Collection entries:
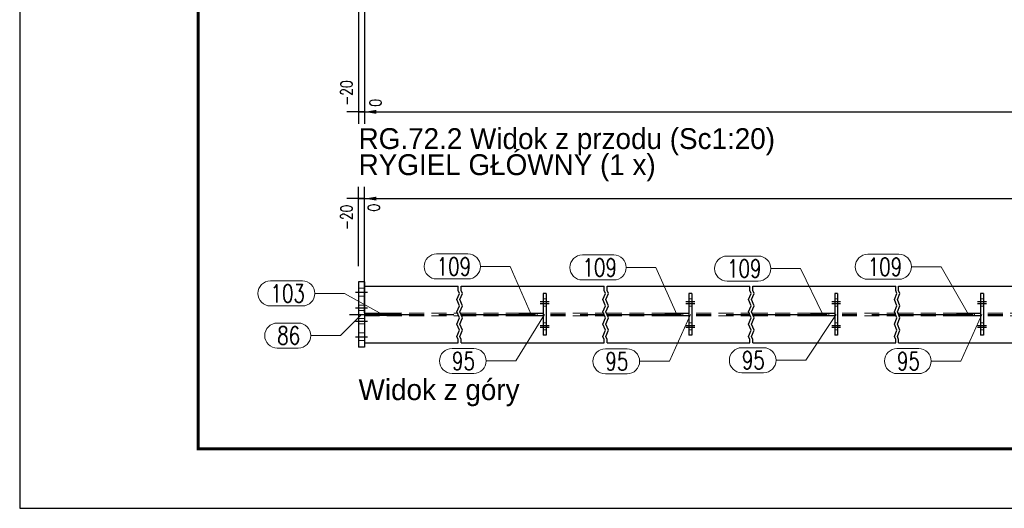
# Model space of a CAD drawing. Header units: millimetres. Extents: x 3528 to 4122, y 12044 to 12491.
# Tile 1 of 58: x 3528 to 3693, y 12044 to 12126. Entities that reach past the tile are written whole.
import ezdxf

# ---------------------------------------------------------------- set-up
doc = ezdxf.new("R2010")
doc.units = ezdxf.units.MM
doc.header["$LTSCALE"] = 10
doc.linetypes.add('HIDDEN', pattern=[0.375, 0.25, -0.125])
doc.linetypes.add('MITTE', pattern=[2, 1.25, -0.25, 0.25, -0.25])
doc.layers.get('Defpoints').update_dxf_attribs({"color": 1})
doc.layers.add('_FORMATKA', color=8, linetype='Continuous', plot=False)
for name, color, linetype, lineweight in [('_RAMKA', 7, 'Continuous', 35), ('PS_DIM', 4, 'Continuous', 13), ('PS_Hidden', 2, 'HIDDEN', 9), ('PS_Pos', 1, 'Continuous', 15), ('PS_SOLID', 7, 'Continuous', 30)]:
    doc.layers.add(name, color=color, linetype=linetype, lineweight=lineweight)
doc.layers.add('PS_MID', color=5, linetype='MITTE')
doc.layers.add('PS_SHAPE', color=3, linetype='Continuous')
doc.styles.add('simplex', font='simplex.shx', dxfattribs={"width": 0.75})
doc.dimstyles.new('1_20_GŁ_DS1-LS20', dxfattribs={"dimtxt": 2, "dimasz": 2, "dimexe": 2, "dimexo": 5, "dimgap": 1, "dimtad": 1, "dimjust": 4, "dimdec": 0, "dimlfac": 20, "dimtxsty": 'simplex', "dimblk1": 'NONE', "dimsah": 1, "dimcen": 2, "dimclrd": 256, "dimclre": 256, "dimclrt": 4, "dimadec": 1, "dimazin": 0, "dimtfac": 1, "dimtdec": 0, "dimtmove": 2, "dimatfit": 3, "dimfxl": 1, "dimarcsym": 0})

# ---------------------------------------------------------------- blocks, each defined once
blk = doc.blocks.new('*D140')
at = {"layer": 'Defpoints', "color": 0, "transparency": 16777216}
for p in [(3584.58, 12143.38), (3585.58, 12135.44), (3585.58, 12110.66)]:
    blk.add_point(p, dxfattribs=at)
at = {"layer": 'PS_DIM', "lineweight": -2, "transparency": 16777216}
for p, q in [((3584.58, 12138.38), (3584.58, 12108.66)), ((3585.58, 12130.44), (3585.58, 12108.66)), ((3584.58, 12110.66), (3582.58, 12110.66)), ((3584.58, 12110.66), (3585.58, 12110.66)), ((3587.58, 12110.66), (3589.58, 12110.66))]:
    blk.add_line(p, q, dxfattribs=at)
at = {"layer": 'PS_DIM', "transparency": 16777216}
blk.add_solid([(3587.58, 12110.99), (3587.58, 12110.32), (3585.58, 12110.66)], dxfattribs=at)
at = {"layer": 'PS_DIM', "color": 4, "transparency": 16777216, "insert": (3582.56, 12113.82), "char_height": 2, "attachment_point": 5, "rotation": 90, "style": 'simplex'}
blk.add_mtext('-20', dxfattribs=at)
blk = doc.blocks.new('_None')
blk = doc.blocks.new('*D141')
at = {"layer": 'Defpoints', "color": 0, "transparency": 16777216}
for p in [(3585.58, 12143.38), (3585.58, 12135.44), (3585.58, 12110.66)]:
    blk.add_point(p, dxfattribs=at)
at = {"layer": 'PS_DIM', "lineweight": -2, "transparency": 16777216}
for p, q in [((3585.58, 12138.38), (3585.58, 12108.66)), ((3585.58, 12130.44), (3585.58, 12108.66)), ((3585.58, 12110.66), (3583.58, 12110.66)), ((3585.58, 12110.66), (3585.58, 12110.66)), ((3587.58, 12110.66), (3589.58, 12110.66))]:
    blk.add_line(p, q, dxfattribs=at)
at = {"layer": 'PS_DIM', "transparency": 16777216}
blk.add_solid([(3587.58, 12110.99), (3587.58, 12110.32), (3585.58, 12110.66)], dxfattribs=at)
at = {"layer": 'PS_DIM', "color": 4, "transparency": 16777216, "insert": (3587.42, 12112.18), "char_height": 2, "attachment_point": 5, "rotation": 90, "style": 'simplex'}
blk.add_mtext('0', dxfattribs=at)
blk = doc.blocks.new('*D142')
at = {"layer": 'Defpoints', "color": 0, "transparency": 16777216}
for p in [(3585.58, 12135.44), (3714.08, 12135.44), (3714.08, 12110.66)]:
    blk.add_point(p, dxfattribs=at)
at = {"layer": 'PS_DIM', "lineweight": -2, "transparency": 16777216}
for p, q in [((3585.58, 12130.44), (3585.58, 12108.66)), ((3714.08, 12130.44), (3714.08, 12108.66)), ((3585.58, 12110.66), (3712.08, 12110.66))]:
    blk.add_line(p, q, dxfattribs=at)
at = {"layer": 'PS_DIM', "transparency": 16777216}
blk.add_solid([(3712.08, 12110.99), (3712.08, 12110.32), (3714.08, 12110.66)], dxfattribs=at)
at = {"layer": 'PS_DIM', "color": 4, "transparency": 16777216, "insert": (3712.06, 12114.57), "char_height": 2, "attachment_point": 5, "rotation": 90, "style": 'simplex'}
blk.add_mtext('10261', dxfattribs=at)
blk = doc.blocks.new('*D143')
at = {"layer": 'Defpoints', "color": 0, "transparency": 16777216}
for p in [(3829.48, 12140.19), (3585.58, 12135.44), (3829.48, 12110.66)]:
    blk.add_point(p, dxfattribs=at)
at = {"layer": 'PS_DIM', "lineweight": -2, "transparency": 16777216}
for p, q in [((3829.48, 12135.19), (3829.48, 12108.66)), ((3585.58, 12130.44), (3585.58, 12108.66)), ((3585.58, 12110.66), (3827.48, 12110.66))]:
    blk.add_line(p, q, dxfattribs=at)
at = {"layer": 'PS_DIM', "transparency": 16777216}
blk.add_solid([(3827.48, 12110.99), (3827.48, 12110.32), (3829.48, 12110.66)], dxfattribs=at)
at = {"layer": 'PS_DIM', "color": 4, "transparency": 16777216, "insert": (3827.46, 12114.85), "char_height": 2, "attachment_point": 5, "rotation": 90, "style": 'simplex'}
blk.add_mtext('12569', dxfattribs=at)
blk = doc.blocks.new('*D144')
at = {"layer": 'Defpoints', "color": 0, "transparency": 16777216}
for p in [(3944.76, 12157.94), (3585.58, 12135.44), (3944.76, 12110.66)]:
    blk.add_point(p, dxfattribs=at)
at = {"layer": 'PS_DIM', "lineweight": -2, "transparency": 16777216}
for p, q in [((3944.76, 12152.94), (3944.76, 12108.66)), ((3585.58, 12130.44), (3585.58, 12108.66)), ((3585.58, 12110.66), (3942.76, 12110.66))]:
    blk.add_line(p, q, dxfattribs=at)
at = {"layer": 'PS_DIM', "transparency": 16777216}
blk.add_solid([(3942.76, 12110.99), (3942.76, 12110.32), (3944.76, 12110.66)], dxfattribs=at)
at = {"layer": 'PS_DIM', "color": 4, "transparency": 16777216, "insert": (3942.74, 12114.93), "char_height": 2, "attachment_point": 5, "rotation": 90, "style": 'simplex'}
blk.add_mtext('14874', dxfattribs=at)
blk = doc.blocks.new('*D145')
at = {"layer": 'Defpoints', "color": 0, "transparency": 16777216}
for p in [(3945.17, 12156.9), (3585.58, 12135.44), (3945.17, 12110.66)]:
    blk.add_point(p, dxfattribs=at)
at = {"layer": 'PS_DIM', "lineweight": -2, "transparency": 16777216}
for p, q in [((3945.17, 12151.9), (3945.17, 12108.66)), ((3585.58, 12130.44), (3585.58, 12108.66)), ((3585.58, 12110.66), (3943.17, 12110.66))]:
    blk.add_line(p, q, dxfattribs=at)
at = {"layer": 'PS_DIM', "transparency": 16777216}
blk.add_solid([(3943.17, 12110.99), (3943.17, 12110.32), (3945.17, 12110.66)], dxfattribs=at)
at = {"layer": 'PS_DIM', "color": 4, "transparency": 16777216, "insert": (3946.92, 12114.89), "char_height": 2, "attachment_point": 5, "rotation": 90, "style": 'simplex'}
blk.add_mtext('14882', dxfattribs=at)
blk = doc.blocks.new('*X146')
at = {"color": 0}
for s, p in [('RG.72.2 Widok z przodu (Sc1:20)', (3584.58, 12096.18)), ('RYGIEL GŁÓWNY (1 x)', (3584.58, 12091.8))]:
    blk.add_text(s, height=3.5, dxfattribs=at).set_placement(p)
blk = doc.blocks.new('*D147')
at = {"layer": 'Defpoints', "color": 0, "transparency": 16777216}
for p in [(3585.58, 12096.08), (3584.58, 12079.72), (3585.58, 12071.87)]:
    blk.add_point(p, dxfattribs=at)
at = {"layer": 'PS_DIM', "lineweight": -2, "transparency": 16777216}
for p, q in [((3584.58, 12084.72), (3584.58, 12098.08)), ((3585.58, 12076.87), (3585.58, 12098.08)), ((3584.58, 12096.08), (3582.58, 12096.08)), ((3584.58, 12096.08), (3585.58, 12096.08)), ((3587.58, 12096.08), (3589.58, 12096.08))]:
    blk.add_line(p, q, dxfattribs=at)
at = {"layer": 'PS_DIM', "transparency": 16777216}
blk.add_solid([(3587.58, 12096.41), (3587.58, 12095.75), (3585.58, 12096.08)], dxfattribs=at)
at = {"layer": 'PS_DIM', "color": 4, "transparency": 16777216, "insert": (3582.56, 12092.92), "char_height": 2, "attachment_point": 5, "rotation": 90, "style": 'simplex'}
blk.add_mtext('-20', dxfattribs=at)
blk = doc.blocks.new('*D148')
at = {"layer": 'Defpoints', "color": 0, "transparency": 16777216}
for p in [(3585.58, 12096.08), (3585.58, 12079.72), (3585.58, 12071.87)]:
    blk.add_point(p, dxfattribs=at)
at = {"layer": 'PS_DIM', "lineweight": -2, "transparency": 16777216}
for p, q in [((3585.58, 12076.87), (3585.58, 12098.08)), ((3585.58, 12084.72), (3585.58, 12098.08)), ((3585.58, 12096.08), (3583.58, 12096.08)), ((3587.58, 12096.08), (3589.58, 12096.08))]:
    blk.add_line(p, q, dxfattribs=at)
at = {"layer": 'PS_DIM', "transparency": 16777216}
blk.add_solid([(3587.58, 12096.41), (3587.58, 12095.75), (3585.58, 12096.08)], dxfattribs=at)
at = {"layer": 'PS_DIM', "color": 4, "transparency": 16777216, "insert": (3587.15, 12094.56), "char_height": 2, "attachment_point": 5, "rotation": 90, "style": 'simplex'}
blk.add_mtext('0', dxfattribs=at)
blk = doc.blocks.new('*D149')
at = {"layer": 'Defpoints', "color": 0, "transparency": 16777216}
for p in [(3719.33, 12096.08), (3719.33, 12082.92), (3585.58, 12071.87)]:
    blk.add_point(p, dxfattribs=at)
at = {"layer": 'PS_DIM', "lineweight": -2, "transparency": 16777216}
for p, q in [((3585.58, 12076.87), (3585.58, 12098.08)), ((3719.33, 12087.92), (3719.33, 12098.08)), ((3585.58, 12096.08), (3717.33, 12096.08))]:
    blk.add_line(p, q, dxfattribs=at)
at = {"layer": 'PS_DIM', "transparency": 16777216}
blk.add_solid([(3717.33, 12096.41), (3717.33, 12095.75), (3719.33, 12096.08)], dxfattribs=at)
at = {"layer": 'PS_DIM', "color": 4, "transparency": 16777216, "insert": (3717.31, 12091.88), "char_height": 2, "attachment_point": 5, "rotation": 90, "style": 'simplex'}
blk.add_mtext('10366', dxfattribs=at)
blk = doc.blocks.new('*D150')
at = {"layer": 'Defpoints', "color": 0, "transparency": 16777216}
for p in [(3933.07, 12096.08), (3933.07, 12082.92), (3585.58, 12071.87)]:
    blk.add_point(p, dxfattribs=at)
at = {"layer": 'PS_DIM', "lineweight": -2, "transparency": 16777216}
for p, q in [((3585.58, 12076.87), (3585.58, 12098.08)), ((3933.07, 12087.92), (3933.07, 12098.08)), ((3585.58, 12096.08), (3931.07, 12096.08))]:
    blk.add_line(p, q, dxfattribs=at)
at = {"layer": 'PS_DIM', "transparency": 16777216}
blk.add_solid([(3931.07, 12096.41), (3931.07, 12095.75), (3933.07, 12096.08)], dxfattribs=at)
at = {"layer": 'PS_DIM', "color": 4, "transparency": 16777216, "insert": (3931.05, 12091.85), "char_height": 2, "attachment_point": 5, "rotation": 90, "style": 'simplex'}
blk.add_mtext('14640', dxfattribs=at)
blk = doc.blocks.new('*D151')
at = {"layer": 'Defpoints', "color": 0, "transparency": 16777216}
for p in [(3945.17, 12096.08), (3585.58, 12071.87), (3945.17, 12071.12)]:
    blk.add_point(p, dxfattribs=at)
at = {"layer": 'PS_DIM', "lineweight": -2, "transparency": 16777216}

Work task:
What is needed is an exact copy of the lines from the start of the records through the line containing "doc.linetypes.add('HIDDEN', pattern=[0.375, 0.25, -0.125])", with no pictures.

Response:
# Model space of a CAD drawing. Header units: millimetres. Extents: x 3528 to 4122, y 12044 to 12491.
# Tile 1 of 58: x 3528 to 3693, y 12044 to 12126. Entities that reach past the tile are written whole.
import ezdxf

# ---------------------------------------------------------------- set-up
doc = ezdxf.new("R2010")
doc.units = ezdxf.units.MM
doc.header["$LTSCALE"] = 10
doc.linetypes.add('HIDDEN', pattern=[0.375, 0.25, -0.125])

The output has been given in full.